- EXERCISE DETAILS: The answer must consist of every line below that contains the word "from".

- MATERIALS PROVIDED:
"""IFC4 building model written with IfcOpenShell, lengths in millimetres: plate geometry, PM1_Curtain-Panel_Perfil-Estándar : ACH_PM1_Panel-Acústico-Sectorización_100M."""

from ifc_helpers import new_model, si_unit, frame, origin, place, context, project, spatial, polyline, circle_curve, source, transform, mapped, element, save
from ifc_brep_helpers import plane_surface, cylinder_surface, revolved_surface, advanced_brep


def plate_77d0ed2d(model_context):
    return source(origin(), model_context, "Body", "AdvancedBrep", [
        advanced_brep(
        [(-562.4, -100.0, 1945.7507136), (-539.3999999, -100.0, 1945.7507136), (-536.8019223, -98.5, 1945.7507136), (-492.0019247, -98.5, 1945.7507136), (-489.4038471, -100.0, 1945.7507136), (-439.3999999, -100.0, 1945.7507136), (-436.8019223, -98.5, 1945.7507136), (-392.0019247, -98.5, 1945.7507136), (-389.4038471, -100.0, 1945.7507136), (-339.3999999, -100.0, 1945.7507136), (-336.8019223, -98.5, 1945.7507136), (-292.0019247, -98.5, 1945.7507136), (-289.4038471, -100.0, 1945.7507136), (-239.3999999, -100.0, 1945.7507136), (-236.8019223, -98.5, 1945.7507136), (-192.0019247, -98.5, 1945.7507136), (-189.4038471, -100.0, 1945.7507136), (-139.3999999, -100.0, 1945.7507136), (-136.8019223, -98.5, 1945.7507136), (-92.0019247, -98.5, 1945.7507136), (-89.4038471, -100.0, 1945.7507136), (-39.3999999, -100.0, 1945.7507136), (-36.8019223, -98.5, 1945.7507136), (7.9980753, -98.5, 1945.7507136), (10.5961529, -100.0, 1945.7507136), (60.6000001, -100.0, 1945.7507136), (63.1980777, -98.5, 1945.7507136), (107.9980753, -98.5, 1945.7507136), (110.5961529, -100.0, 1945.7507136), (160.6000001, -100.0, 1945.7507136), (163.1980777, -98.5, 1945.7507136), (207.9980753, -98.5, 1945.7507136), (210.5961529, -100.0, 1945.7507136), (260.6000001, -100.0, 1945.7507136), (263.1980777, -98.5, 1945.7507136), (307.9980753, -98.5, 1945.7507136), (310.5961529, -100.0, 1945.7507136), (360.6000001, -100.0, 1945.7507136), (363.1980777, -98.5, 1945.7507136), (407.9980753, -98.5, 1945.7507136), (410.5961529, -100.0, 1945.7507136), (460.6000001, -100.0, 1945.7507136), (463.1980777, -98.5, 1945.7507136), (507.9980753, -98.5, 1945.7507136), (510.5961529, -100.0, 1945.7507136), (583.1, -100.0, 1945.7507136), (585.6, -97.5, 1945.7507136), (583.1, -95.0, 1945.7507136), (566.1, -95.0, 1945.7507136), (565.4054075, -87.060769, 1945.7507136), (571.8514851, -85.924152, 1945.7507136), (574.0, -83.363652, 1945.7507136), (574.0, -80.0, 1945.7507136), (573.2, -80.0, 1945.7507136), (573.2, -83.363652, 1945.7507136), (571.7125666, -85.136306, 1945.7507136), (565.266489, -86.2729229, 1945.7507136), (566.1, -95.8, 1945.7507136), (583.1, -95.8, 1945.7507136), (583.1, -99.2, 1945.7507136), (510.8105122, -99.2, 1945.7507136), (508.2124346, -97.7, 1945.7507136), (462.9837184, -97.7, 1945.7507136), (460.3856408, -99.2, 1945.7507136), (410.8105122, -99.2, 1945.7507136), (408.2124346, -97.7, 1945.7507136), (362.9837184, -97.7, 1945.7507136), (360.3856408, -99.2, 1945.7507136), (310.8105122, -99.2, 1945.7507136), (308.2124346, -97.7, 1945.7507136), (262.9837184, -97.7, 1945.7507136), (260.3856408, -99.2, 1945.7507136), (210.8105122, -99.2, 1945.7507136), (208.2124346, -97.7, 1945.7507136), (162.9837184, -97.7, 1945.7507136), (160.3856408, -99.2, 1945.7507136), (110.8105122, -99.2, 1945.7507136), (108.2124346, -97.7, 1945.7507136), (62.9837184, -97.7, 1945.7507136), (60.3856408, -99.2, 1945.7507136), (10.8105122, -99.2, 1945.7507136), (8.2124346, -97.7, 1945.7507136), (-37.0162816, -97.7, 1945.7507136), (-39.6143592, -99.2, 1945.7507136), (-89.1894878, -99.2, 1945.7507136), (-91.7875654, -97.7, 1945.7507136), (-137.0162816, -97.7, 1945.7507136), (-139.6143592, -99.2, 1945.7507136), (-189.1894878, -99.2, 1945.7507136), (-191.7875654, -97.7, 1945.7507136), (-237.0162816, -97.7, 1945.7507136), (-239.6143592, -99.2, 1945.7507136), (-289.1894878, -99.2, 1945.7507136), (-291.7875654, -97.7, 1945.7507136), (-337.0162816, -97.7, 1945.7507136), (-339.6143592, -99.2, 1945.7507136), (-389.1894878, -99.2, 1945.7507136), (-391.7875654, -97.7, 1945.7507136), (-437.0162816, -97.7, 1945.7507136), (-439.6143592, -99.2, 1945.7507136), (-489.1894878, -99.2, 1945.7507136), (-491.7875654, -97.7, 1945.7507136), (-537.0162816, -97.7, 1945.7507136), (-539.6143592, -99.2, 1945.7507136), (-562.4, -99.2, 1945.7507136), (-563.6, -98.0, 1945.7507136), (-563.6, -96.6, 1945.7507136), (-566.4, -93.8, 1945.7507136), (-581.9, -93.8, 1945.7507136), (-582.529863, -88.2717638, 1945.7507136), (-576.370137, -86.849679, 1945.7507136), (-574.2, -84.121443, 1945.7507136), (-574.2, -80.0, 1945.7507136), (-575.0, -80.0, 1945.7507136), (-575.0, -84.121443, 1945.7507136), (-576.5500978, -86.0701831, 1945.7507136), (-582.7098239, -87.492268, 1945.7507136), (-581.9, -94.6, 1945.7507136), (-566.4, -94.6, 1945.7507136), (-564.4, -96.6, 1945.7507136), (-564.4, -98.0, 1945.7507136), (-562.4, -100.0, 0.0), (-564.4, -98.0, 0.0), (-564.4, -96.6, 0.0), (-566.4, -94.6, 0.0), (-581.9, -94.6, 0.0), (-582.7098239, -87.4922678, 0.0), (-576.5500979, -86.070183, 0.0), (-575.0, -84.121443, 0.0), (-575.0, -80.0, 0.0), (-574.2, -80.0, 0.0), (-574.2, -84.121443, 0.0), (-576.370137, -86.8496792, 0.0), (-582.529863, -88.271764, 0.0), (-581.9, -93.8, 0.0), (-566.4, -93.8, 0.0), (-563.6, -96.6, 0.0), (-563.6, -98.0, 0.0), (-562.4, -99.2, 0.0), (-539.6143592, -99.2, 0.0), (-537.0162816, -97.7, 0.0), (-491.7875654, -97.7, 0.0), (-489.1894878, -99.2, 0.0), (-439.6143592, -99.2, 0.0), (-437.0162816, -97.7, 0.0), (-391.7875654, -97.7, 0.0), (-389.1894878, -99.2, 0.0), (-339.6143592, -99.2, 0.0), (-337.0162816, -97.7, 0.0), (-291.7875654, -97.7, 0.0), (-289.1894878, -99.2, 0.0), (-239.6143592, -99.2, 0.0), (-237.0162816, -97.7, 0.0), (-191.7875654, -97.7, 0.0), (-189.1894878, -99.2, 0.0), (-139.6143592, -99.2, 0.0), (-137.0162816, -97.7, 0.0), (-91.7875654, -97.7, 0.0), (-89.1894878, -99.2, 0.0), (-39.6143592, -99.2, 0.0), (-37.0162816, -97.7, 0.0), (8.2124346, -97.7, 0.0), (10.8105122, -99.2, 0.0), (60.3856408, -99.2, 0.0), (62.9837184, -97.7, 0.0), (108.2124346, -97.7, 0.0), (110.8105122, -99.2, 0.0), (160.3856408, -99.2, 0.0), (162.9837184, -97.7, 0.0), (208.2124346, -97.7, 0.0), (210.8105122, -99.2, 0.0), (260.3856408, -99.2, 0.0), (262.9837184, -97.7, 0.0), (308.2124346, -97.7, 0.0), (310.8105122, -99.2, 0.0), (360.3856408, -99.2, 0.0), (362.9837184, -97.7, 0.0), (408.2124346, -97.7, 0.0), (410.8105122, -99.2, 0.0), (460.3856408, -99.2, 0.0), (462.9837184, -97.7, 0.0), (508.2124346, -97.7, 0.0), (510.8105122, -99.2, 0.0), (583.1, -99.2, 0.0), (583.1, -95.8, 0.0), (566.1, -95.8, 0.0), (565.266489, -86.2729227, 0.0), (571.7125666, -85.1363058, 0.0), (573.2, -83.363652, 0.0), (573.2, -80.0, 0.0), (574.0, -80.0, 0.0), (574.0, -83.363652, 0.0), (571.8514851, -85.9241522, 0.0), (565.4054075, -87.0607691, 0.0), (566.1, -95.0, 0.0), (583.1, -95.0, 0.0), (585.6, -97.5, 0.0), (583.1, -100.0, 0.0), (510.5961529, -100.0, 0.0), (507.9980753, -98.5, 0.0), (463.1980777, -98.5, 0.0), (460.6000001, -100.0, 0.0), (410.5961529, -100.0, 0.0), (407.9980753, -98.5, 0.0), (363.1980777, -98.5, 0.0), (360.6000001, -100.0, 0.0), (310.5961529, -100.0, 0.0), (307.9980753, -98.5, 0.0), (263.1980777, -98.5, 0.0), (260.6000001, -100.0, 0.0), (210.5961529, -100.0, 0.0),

- TASK OUTPUT:
from ifc_helpers import new_model, si_unit, frame, origin, place, context, project, spatial, polyline, circle_curve, source, transform, mapped, element, save
from ifc_brep_helpers import plane_surface, cylinder_surface, revolved_surface, advanced_brep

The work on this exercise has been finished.